Many startups raised money at a time when venture capitalists were deploying a record amount of capital. But now amid the larger tech sector slowdown, investors are raising expectations and pushing founders to cut costs — in the form of layoffs, for example — and focus on profitability.

Even founders who have plenty of cash are still stressed, said Jenny Fielding, co-founder and managing partner of New York-based The Fund, and a former Techstars managing director.

“All the bad news is hard to hide from and that’s putting a lot of pressure on everyone,” she said.

Kirby Winfield, founder and general partner of Seattle-based seed-stage firm Ascend, said the slowdown is having more of an impact on later-stage startups. He said more funding is going to “inside rounds” — raising cash from existing investors — to prop up valuations, or significant “down-rounds,” which are raised at a lower valuation than the previous round.

“Those who require more resources to move forward need to turn to their trusted investors for advice and, yes, capital,” noted Matt McIlwain, managing director at Madrona Venture Group. “Investors with substantial reserves and a long-term perspective are very helpful during difficult market conditions.”

The lack of giant fundings of at least $100 million is contributing to the financing slump. There were no such deals through February of this year in the Pacific Northwest, compared to four in the year-ago period for SeekOut, Highspot, Temporal and Fabric.

This continues a downward trend from Q4, when there were 61 mega-round deals compared to a high of 239 in Q4 2021, according to a report by EY.

In some ways, the latest data shows a recalibration after all-time highs for venture capital investing.

“Just as the public markets have adjusted, it is reasonable to expect that private markets will do the same,” McIlwain said. “It is just a slower process in the private markets and has been especially pronounced for later-stage companies relative to earlier-stage ones.”

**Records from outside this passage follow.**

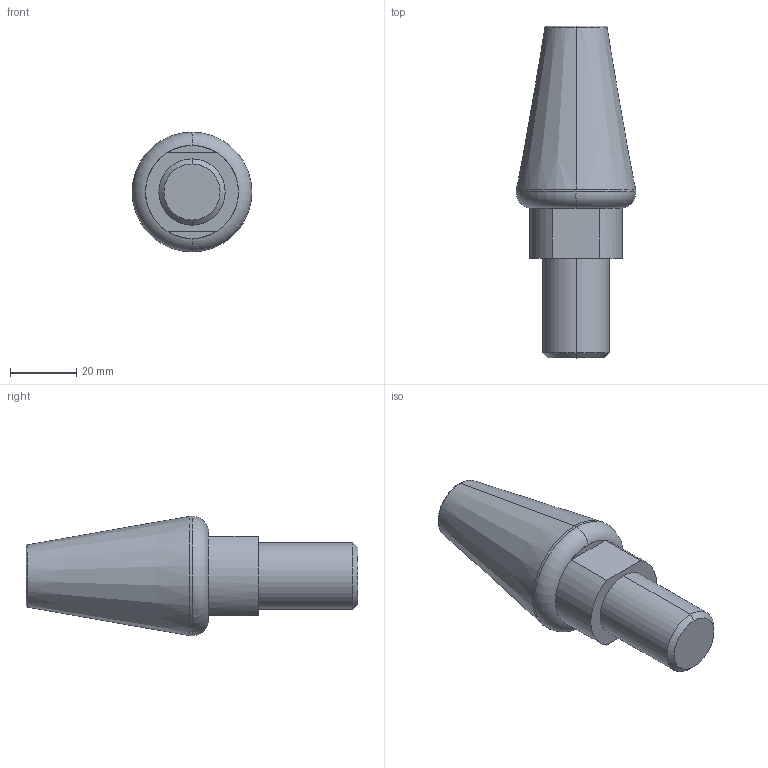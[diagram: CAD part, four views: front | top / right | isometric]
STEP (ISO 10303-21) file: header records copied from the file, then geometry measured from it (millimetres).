
FILE_DESCRIPTION(('CATIA V5 STEP Exchange'),'2;1');
FILE_NAME('C:\Users\Raffaele\Desktop\3D X SITO CF\384F\GSB_OILLESS_M31102020100\STEP-2.03\384F-3.stp','2019-07-05T08:43:51+00:00',('none'),('none'),'CATIA Version 5 Release 20 GA (IN-10)','CATIA V5 STEP AP203','none');
FILE_SCHEMA(('CONFIG_CONTROL_DESIGN'));
Length unit declared in the file: millimetre
Products named in the file (1): 384F-3
Bounding box: 36.08 x 100 x 36.08 mm (x, y, z)
Volume: 52429.3 mm3; surface area: 9353.4 mm2
Topology: 1 solids, 1 shells, 35 faces, 94 edges, 61 vertices
Faces by surface type: plane 19, cone 6, torus 6, cylinder 4
Entity records: 1106 total; most frequent: CARTESIAN_POINT 199, ORIENTED_EDGE 184, DIRECTION 160, EDGE_CURVE 92, AXIS2_PLACEMENT_3D 84, VERTEX_POINT 61, CIRCLE 48, VECTOR 42
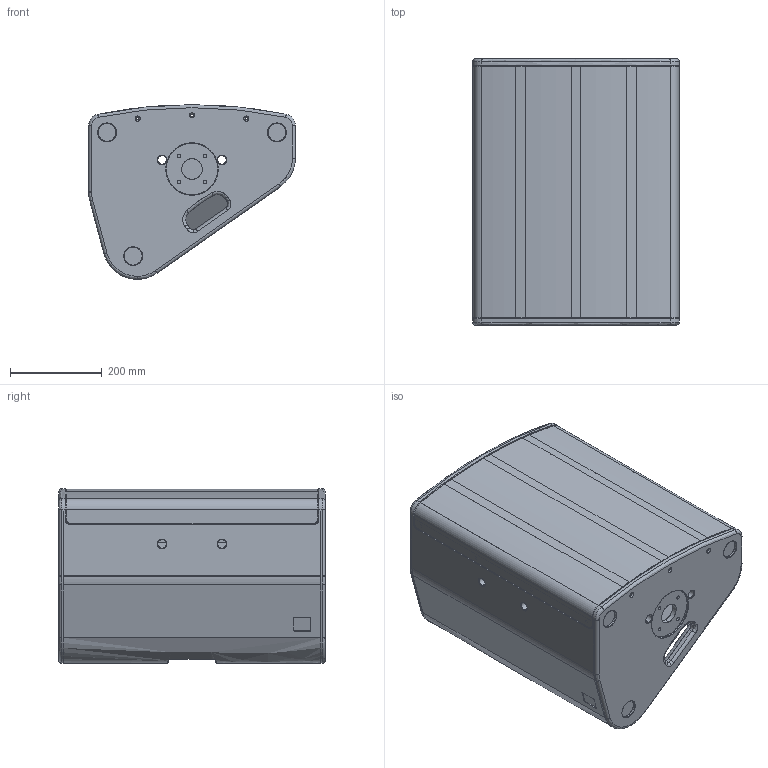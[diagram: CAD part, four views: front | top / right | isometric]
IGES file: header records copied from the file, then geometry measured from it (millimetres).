
Start section: SolidWorks IGES file using analytic representation for surfaces
Global section: file name: C:\Users\Michl\Documents\Michl\SolidWorks\X-Serie\3D-Dateien_Homepage\SEEBURG_X8.IGS; native system: SolidWorks 2009; preprocessor: SolidWorks 2009; author: Michl; date: 180920.104455; units: millimetre
Bounding box: 450 x 580 x 380 mm (x, y, z)
Surface area: 2249041.2 mm2 (no closed solid volume)
Topology: 0 solids, 0 shells, 518 faces, 7146 edges, 7144 vertices
Faces by surface type: revolution 296, bspline 222

Investors say they are telling founders to prioritize and focus.

“We’ve been advising early-stage entrepreneurs to really focus on their milestones, pay more attention to the size and purpose of the raise, and to run very tight fundraising processes,” Feinzaig said.

McIlwain noted that many great companies launch and land funding in tougher economic environments, and AI-related investment activity is active.

Sheila Gulati, managing director at Tola Capital, said she’s “incredibly excited by the companies we are seeing in the market right now and those on the horizon.” She also pointed to AI.

“The possibilities inherent in the advances driven by AI are endless and the startup ecosystem is poised to benefit immensely,” she said.

Here are the top five funding rounds in the Pacific Northwest so far in 2023: Temporal ($75 million), Dev Zero ($26 million), Sirion Labs ($25 million), Archway ($15 million), and Earth Finance ($14 million).